[[ Input for this task open ]]
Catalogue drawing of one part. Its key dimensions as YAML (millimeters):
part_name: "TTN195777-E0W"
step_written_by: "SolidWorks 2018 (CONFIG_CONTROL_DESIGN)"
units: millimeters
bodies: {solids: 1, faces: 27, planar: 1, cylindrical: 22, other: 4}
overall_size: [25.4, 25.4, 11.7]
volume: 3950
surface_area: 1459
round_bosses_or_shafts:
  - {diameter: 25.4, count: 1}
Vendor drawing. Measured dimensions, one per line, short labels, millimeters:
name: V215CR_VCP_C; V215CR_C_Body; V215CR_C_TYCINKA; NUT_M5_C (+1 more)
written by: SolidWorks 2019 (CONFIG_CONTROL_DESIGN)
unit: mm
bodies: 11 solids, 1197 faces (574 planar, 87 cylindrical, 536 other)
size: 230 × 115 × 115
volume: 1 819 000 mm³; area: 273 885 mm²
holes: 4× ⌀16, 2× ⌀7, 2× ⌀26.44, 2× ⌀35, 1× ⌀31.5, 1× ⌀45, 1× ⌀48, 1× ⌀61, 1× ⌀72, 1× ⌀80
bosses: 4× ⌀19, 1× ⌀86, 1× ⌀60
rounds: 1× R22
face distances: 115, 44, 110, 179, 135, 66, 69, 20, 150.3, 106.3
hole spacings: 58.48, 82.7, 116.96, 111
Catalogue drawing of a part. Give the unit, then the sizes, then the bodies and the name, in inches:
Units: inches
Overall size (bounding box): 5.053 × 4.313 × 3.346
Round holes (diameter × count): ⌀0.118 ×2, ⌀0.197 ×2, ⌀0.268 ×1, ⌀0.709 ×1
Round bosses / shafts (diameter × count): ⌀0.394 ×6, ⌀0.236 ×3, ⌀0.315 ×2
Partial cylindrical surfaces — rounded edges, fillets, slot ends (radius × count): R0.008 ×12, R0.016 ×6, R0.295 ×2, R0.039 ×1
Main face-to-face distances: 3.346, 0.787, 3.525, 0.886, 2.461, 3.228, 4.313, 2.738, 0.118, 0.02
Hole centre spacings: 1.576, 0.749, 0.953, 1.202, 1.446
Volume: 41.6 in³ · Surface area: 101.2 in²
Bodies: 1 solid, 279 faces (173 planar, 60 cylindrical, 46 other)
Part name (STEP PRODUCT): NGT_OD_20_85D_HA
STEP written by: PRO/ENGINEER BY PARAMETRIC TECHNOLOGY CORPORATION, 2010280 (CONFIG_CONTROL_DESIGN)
[[ Input for this task closed ]]
Wherever the word "cylindrical" shows up in the material, copy the line it is on.

■ Solution for this task
bodies: {solids: 1, faces: 27, planar: 1, cylindrical: 22, other: 4}
bodies: 11 solids, 1197 faces (574 planar, 87 cylindrical, 536 other)
Partial cylindrical surfaces — rounded edges, fillets, slot ends (radius × count): R0.008 ×12, R0.016 ×6, R0.295 ×2, R0.039 ×1
Bodies: 1 solid, 279 faces (173 planar, 60 cylindrical, 46 other)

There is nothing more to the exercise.